Aree with the reply from *bigbill*: Port Townsend ("PT" in 'local-eze')area has quite good rural tarmac routes. There are certainly some mountain bike singletrack in the area, but I've found the road riding better, and more plentiful. 

Some very worthwhile hiking trails in the area, and PT has the close-by Fort Worden State Park, with miles of hiking and exploring opportunities, accompanied by spectacular view of the Strait of Juan de Fuca, from the bluffs. 

Sequim, which is North of PT, should have ample rental accommodations (this town is a well-known retirement destination), but not the same beauty or interesting roads of PT. 

Summer is not the best time to cycle Hwy 101, along the WA coast--though scenic, there's way too much traffic. FYI....

If you've not already found it, check out the PT cycling club site: Port Townsend Bicycle Association | Cycling on the Olympic Peninsula, Washington State


----------



## tellico climber (Aug 14, 2006)

Thanks for the info, Zep and everyone else.


----------



## zep (Aug 2, 2004)

Drat...should have mentioned--Uptown Pub and Grill, in PT: Port Townsend Uptown Pub - Uptown Pub & Grill
https://www.facebook.com/uptownpub

Sit at the bar, have a beer, and talk with the friendly locals...you'll likely meet some interesting characters.


----------



## rm -rf (Feb 27, 2006)

For riding ideas in an area I don't know, I like to check out the Strava Global Heatmap. As you zoom and pan on the map, the URL changes, so you can bookmark that view.

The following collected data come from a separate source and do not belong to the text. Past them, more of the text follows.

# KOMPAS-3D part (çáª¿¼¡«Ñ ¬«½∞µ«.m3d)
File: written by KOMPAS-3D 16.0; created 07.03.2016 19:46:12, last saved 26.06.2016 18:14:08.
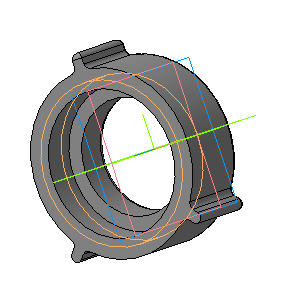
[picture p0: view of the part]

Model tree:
1. Эскиз:1
2. Операция выдавливания:2
     Толщина стенки 1 = 11; Расстояние 1 = 25
3. Эскиз:2
4. Скругление:1
     Радиус = 2
5. Эскиз:3
6. Вырезать элемент выдавливания:2
     Расстояние 1 = 30
7. Скругление:2
     Радиус = 2
8. Скругление:3
     Радиус = 1
9. Вырезать элемент выдавливания:3
     Расстояние 1 = 12
10. Условное изображение резьбы:2  (labels: E:\Sys\Thread\cil0_8724-2002 coarse.xml; M56)
     Длина резьбы = 12; Шаг резьбы = 5.5; Номинальный диаметр резьбы = 56
11. Подгонка:1
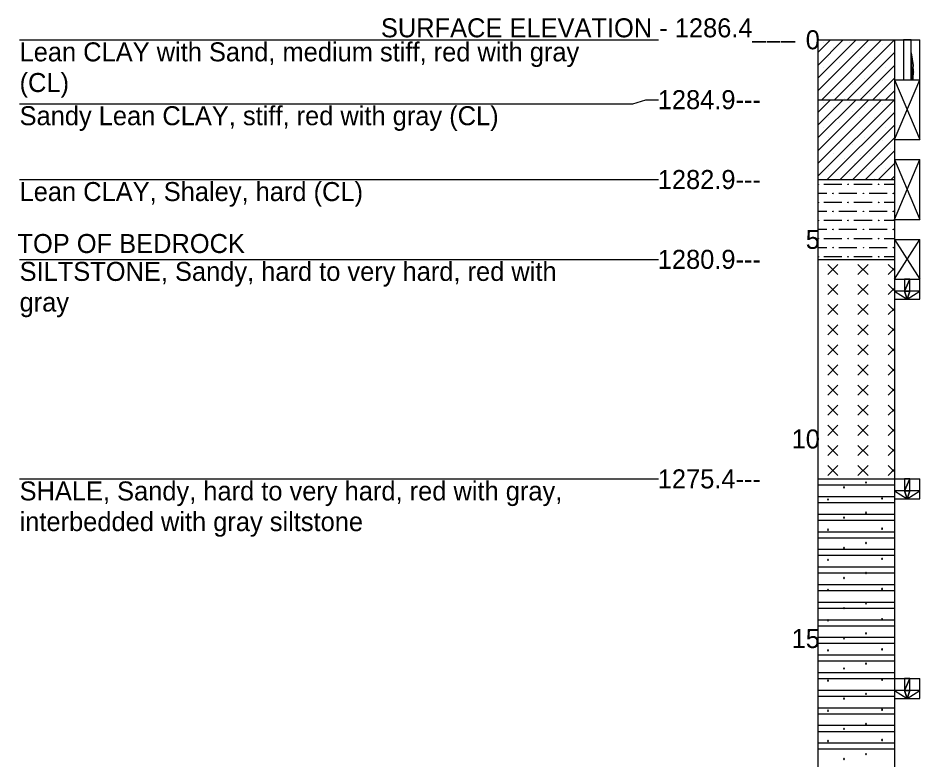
# Model space of a CAD drawing. Extents: x -2 to 138, y 24 to 58.
# Drawn here: x 27.87 to 33.76, y 44.24 to 49.08 of the extents above; entities that cross this region are included whole.
import ezdxf

# ---------------------------------------------------------------- set-up
doc = ezdxf.new("R2010")
doc.units = 0

# ---------------------------------------------------------------- blocks, each defined once
blk = doc.blocks.new('POINT_DISPLAY')
blk.add_line((0, 0), (0, 0))

msp = doc.modelspace()

# ---------------------------------------------------------------- linework, layer by layer
for points in [[(27.8838, 48.9382), (32.0505, 48.9382)], [(33.0889, 48.8549), (33.1722, 48.9382)], [(33.0889, 48.7715), (33.2556, 48.9382)], [(33.0889, 48.6882), (33.3389, 48.9382)], [(33.0889, 48.6049), (33.4222, 48.9382)], [(33.0889, 48.9382), (33.0889, 39.5632)], [(33.0889, 48.9382), (33.5889, 48.9382)], [(33.115, 48.5476), (33.5056, 48.9382)], [(33.1983, 48.5476), (33.5889, 48.9382)], [(33.5889, 48.9382), (33.7556, 48.9382)], [(33.5889, 48.9382), (33.5889, 39.5632)], [(33.7556, 48.6778), (33.7556, 48.9382)], [(33.2816, 48.5476), (33.5889, 48.8549)], [(33.365, 48.5476), (33.5889, 48.7715)], [(33.4483, 48.5476), (33.5889, 48.6882)], [(33.5889, 48.6778), (33.7556, 48.6778)], [(33.5889, 48.6778), (33.7556, 48.2872)], [(33.5889, 48.2872), (33.7556, 48.6778)], [(33.5889, 48.6778), (33.7556, 48.6778)], [(33.7556, 48.2872), (33.7556, 48.6778)], [(33.5316, 48.5476), (33.5889, 48.6049)], [(27.8838, 48.5215), (31.8838, 48.5215), (31.9671, 48.5476), (32.0505, 48.5476)], [(33.0889, 48.5476), (33.5889, 48.5476)], [(33.0889, 48.4642), (33.1722, 48.5476)], [(33.0889, 48.3809), (33.2556, 48.5476)], [(33.0889, 48.2976), (33.3389, 48.5476)], [(33.0889, 48.2142), (33.4222, 48.5476)], [(33.0889, 48.1309), (33.5056, 48.5476)], [(33.0889, 48.0476), (33.5889, 48.5476)], [(33.1514, 48.0267), (33.5889, 48.4642)], [(33.2347, 48.0267), (33.5889, 48.3809)], [(33.3181, 48.0267), (33.5889, 48.2976)], [(33.5889, 48.2872), (33.7556, 48.2872)], [(33.4014, 48.0267), (33.5889, 48.2142)], [(33.4847, 48.0267), (33.5889, 48.1309)], [(33.5889, 48.157), (33.7556, 47.7663)], [(33.5889, 47.7663), (33.7556, 48.157)], [(33.5889, 48.157), (33.7556, 48.157)], [(33.7556, 47.7663), (33.7556, 48.157)], [(27.8838, 48.0267), (32.0505, 48.0267)], [(33.0889, 48.0267), (33.5889, 48.0267)], [(33.0889, 47.9972), (33.0929, 47.9972), (33.0929, 47.9933), (33.0889, 47.9972)], [(33.1283, 47.9972), (33.2464, 47.9972)], [(33.2858, 47.9972), (33.2897, 47.9972), (33.2858, 47.9933), (33.2858, 47.9972)], [(33.3251, 47.9972), (33.4432, 47.9972)], [(33.4826, 47.9972), (33.4866, 47.9972), (33.4866, 47.9933), (33.4826, 47.9972)], [(33.522, 47.9972), (33.5889, 47.9972)], [(33.5681, 48.0267), (33.5889, 48.0476)], [(33.0889, 47.9382), (33.148, 47.9382)], [(33.1873, 47.9382), (33.1913, 47.9382), (33.1873, 47.9342), (33.1873, 47.9382)], [(33.2267, 47.9382), (33.3448, 47.9382)], [(33.3842, 47.9382), (33.3881, 47.9382), (33.3881, 47.9342), (33.3842, 47.9382)], [(33.4236, 47.9382), (33.4826, 47.9382)], [(33.4826, 47.9382), (33.5417, 47.9382)], [(33.581, 47.9382), (33.585, 47.9382), (33.581, 47.9342), (33.581, 47.9382)], [(33.0889, 47.8791), (33.0929, 47.8791), (33.0929, 47.8752), (33.0889, 47.8791)], [(33.1283, 47.8791), (33.2464, 47.8791)], [(33.2858, 47.8791), (33.2897, 47.8791), (33.2858, 47.8752), (33.2858, 47.8791)], [(33.3251, 47.8791), (33.4432, 47.8791)], [(33.4826, 47.8791), (33.4866, 47.8791), (33.4866, 47.8752), (33.4826, 47.8791)], [(33.522, 47.8791), (33.5889, 47.8791)], [(33.0889, 47.82), (33.148, 47.82)], [(33.1873, 47.82), (33.1913, 47.82), (33.1873, 47.8161), (33.1873, 47.82)], [(33.2267, 47.82), (33.3448, 47.82)], [(33.3842, 47.82), (33.3881, 47.82), (33.3881, 47.8161), (33.3842, 47.82)], [(33.4236, 47.82), (33.4826, 47.82)], [(33.4826, 47.82), (33.5417, 47.82)], [(33.581, 47.82), (33.585, 47.82), (33.581, 47.8161), (33.581, 47.82)], [(33.0889, 47.761), (33.0929, 47.761), (33.0929, 47.7571), (33.0889, 47.761)], [(33.1283, 47.761), (33.2464, 47.761)], [(33.2858, 47.761), (33.2897, 47.761), (33.2858, 47.7571), (33.2858, 47.761)], [(33.3251, 47.761), (33.4432, 47.761)], [(33.4826, 47.761), (33.4866, 47.761), (33.4866, 47.7571), (33.4826, 47.761)], [(33.522, 47.761), (33.5889, 47.761)], [(33.5889, 47.7663), (33.7556, 47.7663)], [(33.0889, 47.7019), (33.148, 47.7019)], [(33.1873, 47.7019), (33.1913, 47.7019), (33.1873, 47.698), (33.1873, 47.7019)], [(33.2267, 47.7019), (33.3448, 47.7019)], [(33.3842, 47.7019), (33.3881, 47.7019), (33.3881, 47.698), (33.3842, 47.7019)], [(33.4236, 47.7019), (33.4826, 47.7019)], [(33.4826, 47.7019), (33.5417, 47.7019)], [(33.581, 47.7019), (33.585, 47.7019), (33.581, 47.698), (33.581, 47.7019)], [(33.0889, 47.6429), (33.0929, 47.6429), (33.0929, 47.6389), (33.0889, 47.6429)], [(33.1283, 47.6429), (33.2464, 47.6429)], [(33.2858, 47.6429), (33.2897, 47.6429), (33.2858, 47.6389), (33.2858, 47.6429)], [(33.3251, 47.6429), (33.4432, 47.6429)], [(33.4826, 47.6429), (33.4866, 47.6429), (33.4866, 47.6389), (33.4826, 47.6429)], [(33.522, 47.6429), (33.5889, 47.6429)], [(33.5889, 47.6361), (33.7556, 47.3757)], [(33.5889, 47.3757), (33.7556, 47.6361)], [(33.5889, 47.6361), (33.7556, 47.6361)], [(33.7556, 47.3757), (33.7556, 47.6361)], [(33.0889, 47.5838), (33.148, 47.5838)], [(33.1873, 47.5838), (33.1913, 47.5838), (33.1873, 47.5799), (33.1873, 47.5838)], [(33.2267, 47.5838), (33.3448, 47.5838)], [(33.3842, 47.5838), (33.3881, 47.5838), (33.3881, 47.5799), (33.3842, 47.5838)], [(33.4236, 47.5838), (33.4826, 47.5838)], [(33.4826, 47.5838), (33.5417, 47.5838)], [(33.581, 47.5838), (33.585, 47.5838), (33.581, 47.5799), (33.581, 47.5838)], [(27.8838, 47.5059), (32.0505, 47.5059)], [(33.0889, 47.5248), (33.0929, 47.5248), (33.0929, 47.5208), (33.0889, 47.5248)], [(33.0889, 47.5059), (33.5889, 47.5059)], [(33.1283, 47.5248), (33.2464, 47.5248)], [(33.2201, 47.4731), (33.1545, 47.4075)], [(33.1545, 47.4731), (33.2201, 47.4075)], [(33.2858, 47.5248), (33.2897, 47.5248), (33.2858, 47.5208), (33.2858, 47.5248)], [(33.3251, 47.5248), (33.4432, 47.5248)], [(33.417, 47.4731), (33.3514, 47.4075)], [(33.3514, 47.4731), (33.417, 47.4075)], [(33.4826, 47.5248), (33.4866, 47.5248), (33.4866, 47.5208), (33.4826, 47.5248)], [(33.522, 47.5248), (33.5889, 47.5248)], [(33.5482, 47.4731), (33.5889, 47.4324)], [(33.5889, 47.4482), (33.5482, 47.4075)], [(33.5889, 47.3757), (33.7556, 47.3757)], [(33.5889, 47.3757), (33.7556, 47.3757)], [(33.7556, 47.2455), (33.7556, 47.3757)], [(33.2201, 47.3419), (33.1545, 47.2763)], [(33.1545, 47.3419), (33.2201, 47.2763)], [(33.417, 47.3419), (33.3514, 47.2763)], [(33.3514, 47.3419), (33.417, 47.2763)], [(33.5482, 47.3419), (33.5889, 47.3012)], [(33.5889, 47.3169), (33.5482, 47.2763)], [(33.5889, 47.2455), (33.7556, 47.2455)], [(33.2201, 47.2106), (33.1545, 47.145)], [(33.1545, 47.2106), (33.2201, 47.145)], [(33.417, 47.2106), (33.3514, 47.145)], [(33.3514, 47.2106), (33.417, 47.145)], [(33.5482, 47.2106), (33.5889, 47.17)], [(33.5889, 47.1857), (33.5482, 47.145)], [(33.2201, 47.0794), (33.1545, 47.0138)], [(33.1545, 47.0794), (33.2201, 47.0138)], [(33.417, 47.0794), (33.3514, 47.0138)], [(33.3514, 47.0794), (33.417, 47.0138)], [(33.5482, 47.0794), (33.5889, 47.0387)], [(33.5889, 47.0545), (33.5482, 47.0138)], [(33.2201, 46.9482), (33.1545, 46.8825)], [(33.1545, 46.9482), (33.2201, 46.8825)], [(33.417, 46.9482), (33.3514, 46.8825)], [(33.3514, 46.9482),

Here's the northern Olympic Peninsula heatmap.

The dark red lines are the most ridden roads. As you zoom in, other less traveled roads will also start to color in. 

Sometimes, there's no good way to get "out of town" so a heavily traveled road might just be annoying to ride, but there's no other route. But, in general, my local roads in red are usually good for riding. Other posts have warned about Hwy 101, which is showing red, so either they deal with the traffic, or hit it at off-peak times.

Some of these can be mountain bike trails, too. Zoomed in, they sometimes show as a spotty, fuzzy line, since the gps signals in the woods can be less precise, and the riders probably start and stop a lot.


----------



## SantaCruz (Mar 22, 2002)

For the best recommendations on local mt. bike roads, you need a local.
Call Tim at The Downtown Hotel in Port Angeles. He's the manager.
He can tell you about the best mountain bike and forest service roads/trails.
The National Forest (not the National Park) should have trails open for mtbers.
I rode from Sequim to Neah Bay (about 100 mi) a few years back. The family drove out and stopped at a bunch of beaches along the way before getting me in Neah Bay. The loaded logging trucks headed East would have been intimidating if I had been going that direction. Passed a guy on a unicycle. Hwy 101 has a lot of traffic but wide shoulders (8-10ft), use it for shorter distances to get you to where you want to go. There is always the rambling (mostly) paved trail from east of Sequim to Port Angeles (is it called the Olympic Centennial Trail?) 

Watch out for those bridges that have a change of pavement height for the bike lane; especially during a higher speed descent leading to the bridge.


----------